Perhaps everyone perceived color slightly differently; perhaps even people with normal vision had different interpretations. Color was a psychological construct, after all. There was no such thing as “red” in the real world; it was simply the way the mind chose to interpret wavelengths ranging from 630 to 750 nanometers. Indeed, the seven colors of the rainbow—red, orange, yellow, green, blue, indigo, and violet—were Newton’s arbitrary designations; the quantity was chosen because Sir Isaac liked the idea of there being a prime number of colors, but Heather had never really been able to make out the supposed “indigo” between blue and violet.
Soon Heather’s attention was arrested by something other than the mere colors she was seeing.
The person she was inhabiting—male again, or at least that’s how it felt in some ineffable, slightly aggressive way—was highly agitated about something.
He was in a store. A convenience store. But the brands were mostly unfamiliar to Heather. And the prices—
Ah, the pound symbol.
She was in Britain. It was a newsagent’s, not a convenience store.
And this British—this British boy, she felt sure—was looking at the candy rack.
There’d been a language barrier between her and Ideko, but there was none here—at least, not a significant one. “Young man!” she called out. “Young man!”
There was no change in the boy’s mental state; he was utterly unaware of her attempts to contact him.

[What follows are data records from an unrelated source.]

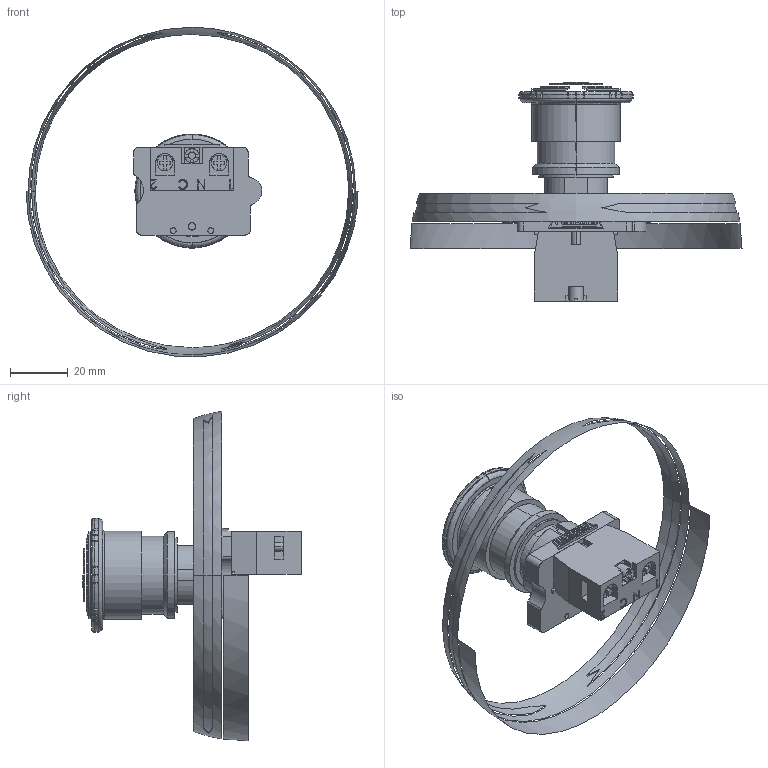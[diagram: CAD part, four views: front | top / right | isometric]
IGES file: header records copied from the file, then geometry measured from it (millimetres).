
Start section: SolidWorks IGES file using analytic representation for surfaces
Global section: file name: D:\X - Arquivos\PROEX\Empresas\P11 - METALTEX\01 - Produtos\IGES\Primeira remessa\P20AKR-R-1B.IGS; native system: SolidWorks 2012; preprocessor: SolidWorks 2012; author: Usuario; date: 180117.114418; units: millimetre
Bounding box: 114.95 x 75.85 x 114.11 mm (x, y, z)
Surface area: 17918.3 mm2 (no closed solid volume)
Topology: 0 solids, 0 shells, 458 faces, 5045 edges, 5013 vertices
Faces by surface type: bspline 309, revolution 149
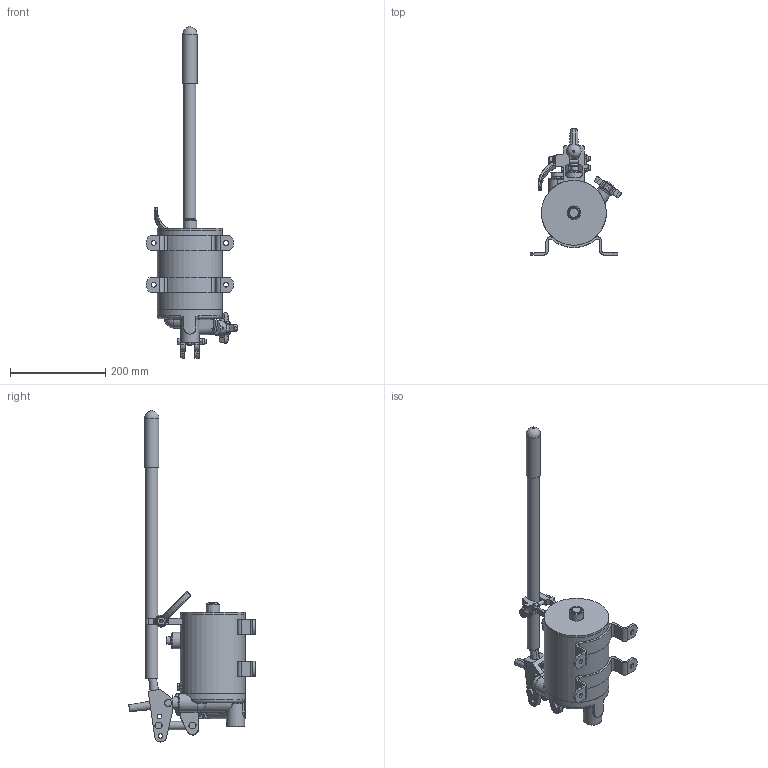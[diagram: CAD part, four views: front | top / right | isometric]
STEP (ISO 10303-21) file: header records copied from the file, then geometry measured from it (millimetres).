
FILE_DESCRIPTION((''),'2;1');
FILE_NAME('\\SRVR-ENG\EngSales\PM-HP-5B.stp','2011-08-01T11:16:43',('KneiflD'),(''),'Autodesk Inventor 2011','Autodesk Inventor 2011','');
FILE_SCHEMA(('AUTOMOTIVE_DESIGN { 1 0 10303 214 1 1 1 1 }'));
Length unit declared in the file: inch
Products named in the file (45): PM-HP-5B; 062100578; 162100035; 162100034; 200014408; 052100542; 200300211; 180701017; 180901072; 090000121; 080600005; 010300003; 270003020; 180901070; 230001045; 180901069; 270003016; 200013922; 190300026; 090000002; 170004150; 180901073; 050400123; 230010331; 170002089; 220000203; 180901068; 200300202; 190100047; 200018003; 170002005; 220001005; 230007501-RING; 180901514; 180901026; 190300037; 190100013; 180901515; 230009003; 200100013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
Assembly tree (51 placements, depth 4):
  PM-HP-5B
    062100578
      162100035
        162100034
        200014408
      052100542
      200300211
      180701017  x2
      180901072
    090000121
    080600005
    010300003
    270003020
      180901070
      230001045
      180901069
      270003016
    200013922
    190300026
    090000002
    170004150
    180901073
    050400123
    230010331
    170002089  x3
    220000203  x3
    180901068
      200300202
      190100047
    200018003
    170002005
    220001005
    230007501-RING
    180901514
      180901026
      190300037
      190100013
    180901515
    190100013
    230009003
    200100013  x2
    270002006
    230009001
    230008003
    200300003
    200018002
Bounding box: 193.04 x 265.7 x 698.3 mm (x, y, z)
Volume: 1514107 mm3; surface area: 546032.1 mm2
Topology: 46 solids, 46 shells, 1060 faces, 2555 edges, 1607 vertices
Faces by surface type: plane 457, cylinder 291, cone 143, bspline 103, torus 52, sphere 14
Full cylindrical faces by diameter (mm): 0.505 x2, 4.763 x3, 4.877 x1, 5.537 x2, 6.35 x5, 6.401 x1, 6.528 x2, 7.798 x3, 7.925 x1, 7.938 x2, 8.334 x2, 8.714 x1, 9.449 x2, 9.493 x3, 9.525 x4, 9.576 x11, 10.084 x2, 10.319 x4, 10.719 x1, 10.996 x2, 11.354 x2, 11.506 x2, 12.116 x1, 13.462 x1, 13.494 x1, 14.097 x2, 14.275 x1, 14.348 x1, 14.529 x2, 15.037 x1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
Entity records: 33479 total; most frequent: CARTESIAN_POINT 11604, DIRECTION 4198, ORIENTED_EDGE 4086, EDGE_CURVE 2043, AXIS2_PLACEMENT_3D 1654, VERTEX_POINT 1391, EDGE_LOOP 1256, FACE_OUTER_BOUND 948

“Young man! Boy! Lad!” She paused. “Git! Wanker!” The last, at least, should have gotten his attention. But there was nothing. The boy’s mind was utterly intent on—
My goodness!
— on shoplifting something!
That candy. Curly Wurly—crazy name.
Heather cleared her mind. The boy—he was thirteen; she knew it as soon as she wondered about it—had enough money on his SmartCash card to pay for the sweet. He slipped a hand into his pocket and pressed his fingers against the card, warm from the heat of his body.
Sure, he could pay for the sweet—today. But then what would he do tomorrow?
The shopkeeper—an Indian man with an accent Heather found delightful but the boy found laughable—was busy talking with a patron at the till.
The boy picked up the Curly Wurly, glanced over his shoulder.
The shopkeeper was still busy.
The boy was wearing a lightweight jacket with large pockets. Keeping the Curly Wurly tight against his palm, he brought it up, up, lifted the pocket flap, and slipped it in. The boy—and, to her surprise, Heather, too—breathed a sigh of relief. He’d gotten—
“Young man!” said the accented voice.
Absolute terror flooded the boy, terror that set Heather quivering, too.
“Young man!” said the voice again. “Let me see what you have in your pocket.”
The boy froze. He thought about running, but the Indian man—who, strangely, the boy thought of as Asian—was standing now between him and the doorway. He had his hand extended, palm up.
“Nothing,” said the boy.
“You will be giving me back that confectionery.”
The boy’s mind was racing: running was still an option; so was handing back the sweet and begging for mercy. Maybe tell the newsagent that his father hits him and beg him not to ring his parents.